Oxidative Stress Contributes to Status Epilepticus Associated Mortality

Abstract

Status epilepticus is a common manifestation of nerve agent toxicity and represents a serious medical emergency with high rates of mortality and neurologic injury in those that survive. The aim of the current study was to determine if targeting oxidative stress with the catalytic antioxidant, AEOL10150, would reduce pilocarpine-induced mortality and attenuate neuronal death and neuroinflammation. We found that treatment with AEOL10150 in conjunction with scopolamine and diazepam following pilocarpine-induced SE was able to significantly reduce mortality compared to treatment with just scopolamine and diazepam. Mortality was further reduced when AEOL10150 was used in conjunction with atropine and diazepam which is considered the standard of care for nerve agent exposures. Both treatment paradigms offered significant protection against SE-induced oxidative stress.
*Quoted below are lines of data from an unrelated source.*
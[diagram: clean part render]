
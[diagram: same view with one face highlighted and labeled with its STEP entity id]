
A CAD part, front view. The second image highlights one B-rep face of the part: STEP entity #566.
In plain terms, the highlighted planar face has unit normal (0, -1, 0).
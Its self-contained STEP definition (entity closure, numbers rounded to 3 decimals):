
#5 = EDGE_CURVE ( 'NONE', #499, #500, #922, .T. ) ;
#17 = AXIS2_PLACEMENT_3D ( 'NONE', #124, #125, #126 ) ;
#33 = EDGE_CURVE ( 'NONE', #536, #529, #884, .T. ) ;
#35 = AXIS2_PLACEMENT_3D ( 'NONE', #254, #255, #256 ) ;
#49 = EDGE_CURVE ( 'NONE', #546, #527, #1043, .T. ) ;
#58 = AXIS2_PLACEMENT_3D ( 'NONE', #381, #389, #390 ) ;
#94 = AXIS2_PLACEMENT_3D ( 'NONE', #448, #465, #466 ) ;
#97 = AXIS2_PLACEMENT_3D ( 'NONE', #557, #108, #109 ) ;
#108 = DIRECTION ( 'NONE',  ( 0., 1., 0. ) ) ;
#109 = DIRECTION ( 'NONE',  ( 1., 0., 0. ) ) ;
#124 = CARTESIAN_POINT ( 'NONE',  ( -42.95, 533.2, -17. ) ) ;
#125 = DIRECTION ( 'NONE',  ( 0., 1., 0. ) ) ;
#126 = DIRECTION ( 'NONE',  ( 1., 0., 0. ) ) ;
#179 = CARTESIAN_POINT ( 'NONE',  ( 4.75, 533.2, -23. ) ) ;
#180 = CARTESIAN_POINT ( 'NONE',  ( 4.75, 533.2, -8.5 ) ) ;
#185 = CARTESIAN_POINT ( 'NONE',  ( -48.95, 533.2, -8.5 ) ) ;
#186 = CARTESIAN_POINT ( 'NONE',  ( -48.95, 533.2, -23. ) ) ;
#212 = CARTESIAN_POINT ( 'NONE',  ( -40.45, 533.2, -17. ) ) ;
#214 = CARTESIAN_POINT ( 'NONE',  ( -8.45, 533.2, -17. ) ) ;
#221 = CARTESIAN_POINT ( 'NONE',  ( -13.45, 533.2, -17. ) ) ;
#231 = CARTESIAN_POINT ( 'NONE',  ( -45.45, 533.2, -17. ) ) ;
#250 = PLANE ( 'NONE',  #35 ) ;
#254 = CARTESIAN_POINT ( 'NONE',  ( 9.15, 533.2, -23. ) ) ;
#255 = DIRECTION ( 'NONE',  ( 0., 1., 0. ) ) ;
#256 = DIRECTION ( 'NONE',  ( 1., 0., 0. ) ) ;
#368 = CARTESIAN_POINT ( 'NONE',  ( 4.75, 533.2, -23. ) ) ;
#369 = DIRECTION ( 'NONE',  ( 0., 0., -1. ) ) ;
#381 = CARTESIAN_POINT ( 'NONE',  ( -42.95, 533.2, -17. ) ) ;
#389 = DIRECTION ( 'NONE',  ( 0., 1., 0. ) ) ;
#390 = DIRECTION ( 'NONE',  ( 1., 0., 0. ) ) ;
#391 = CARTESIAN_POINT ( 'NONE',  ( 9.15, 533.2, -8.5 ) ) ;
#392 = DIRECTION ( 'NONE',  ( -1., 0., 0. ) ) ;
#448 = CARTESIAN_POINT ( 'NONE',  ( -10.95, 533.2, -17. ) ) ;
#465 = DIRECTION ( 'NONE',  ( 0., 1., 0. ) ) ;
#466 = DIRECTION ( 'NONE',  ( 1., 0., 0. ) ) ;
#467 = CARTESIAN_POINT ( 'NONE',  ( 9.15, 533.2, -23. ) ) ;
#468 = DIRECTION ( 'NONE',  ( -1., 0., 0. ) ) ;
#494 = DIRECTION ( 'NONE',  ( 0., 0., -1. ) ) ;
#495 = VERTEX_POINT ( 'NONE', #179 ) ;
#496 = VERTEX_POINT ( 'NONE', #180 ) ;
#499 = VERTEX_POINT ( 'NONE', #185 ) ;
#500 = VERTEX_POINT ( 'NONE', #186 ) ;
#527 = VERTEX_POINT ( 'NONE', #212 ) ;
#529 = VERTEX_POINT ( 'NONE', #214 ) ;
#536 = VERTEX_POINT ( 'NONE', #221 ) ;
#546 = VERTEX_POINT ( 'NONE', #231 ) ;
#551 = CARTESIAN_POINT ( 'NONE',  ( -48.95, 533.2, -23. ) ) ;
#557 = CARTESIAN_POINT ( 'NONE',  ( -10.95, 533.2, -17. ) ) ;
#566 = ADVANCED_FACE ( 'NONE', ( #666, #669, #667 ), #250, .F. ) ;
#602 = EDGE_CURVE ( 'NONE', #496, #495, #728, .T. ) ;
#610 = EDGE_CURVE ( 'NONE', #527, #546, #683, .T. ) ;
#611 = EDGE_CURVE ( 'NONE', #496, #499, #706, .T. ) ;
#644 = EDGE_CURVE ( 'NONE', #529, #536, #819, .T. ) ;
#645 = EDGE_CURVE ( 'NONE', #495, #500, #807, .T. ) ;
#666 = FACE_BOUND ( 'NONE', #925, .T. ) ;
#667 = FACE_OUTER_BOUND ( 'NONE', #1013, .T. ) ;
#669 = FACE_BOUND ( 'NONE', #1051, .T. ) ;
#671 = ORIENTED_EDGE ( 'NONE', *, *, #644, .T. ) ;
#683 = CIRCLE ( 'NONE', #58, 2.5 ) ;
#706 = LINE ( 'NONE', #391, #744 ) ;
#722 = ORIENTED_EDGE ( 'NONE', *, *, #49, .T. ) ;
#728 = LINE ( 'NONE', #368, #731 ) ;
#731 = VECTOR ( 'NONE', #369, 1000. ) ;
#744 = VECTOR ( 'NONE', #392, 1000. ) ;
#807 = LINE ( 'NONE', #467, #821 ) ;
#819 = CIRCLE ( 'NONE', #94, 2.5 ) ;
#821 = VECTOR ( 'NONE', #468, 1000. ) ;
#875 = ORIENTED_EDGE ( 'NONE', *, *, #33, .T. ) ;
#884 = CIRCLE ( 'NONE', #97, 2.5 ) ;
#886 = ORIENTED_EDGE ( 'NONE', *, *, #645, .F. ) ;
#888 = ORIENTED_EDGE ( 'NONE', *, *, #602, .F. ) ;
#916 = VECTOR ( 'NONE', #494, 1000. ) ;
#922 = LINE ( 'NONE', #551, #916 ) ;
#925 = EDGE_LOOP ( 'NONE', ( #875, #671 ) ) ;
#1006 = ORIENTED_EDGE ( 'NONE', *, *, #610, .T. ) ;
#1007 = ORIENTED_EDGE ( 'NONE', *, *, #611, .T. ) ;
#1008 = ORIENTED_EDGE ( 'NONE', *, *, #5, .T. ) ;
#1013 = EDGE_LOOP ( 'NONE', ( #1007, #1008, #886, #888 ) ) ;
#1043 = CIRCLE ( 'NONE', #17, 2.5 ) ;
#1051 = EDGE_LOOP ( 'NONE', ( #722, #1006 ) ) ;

Additionally, treatment with scopolamine, AEOL10150 and diazepam attenuated SE-induced neuronal loss and neuroinflammation. Taken together, the data suggest that pharmacological targeting of oxidative stress can improve survival and attenuate secondary neurological damage following SE induced by the nerve agent surrogate pilocarpine.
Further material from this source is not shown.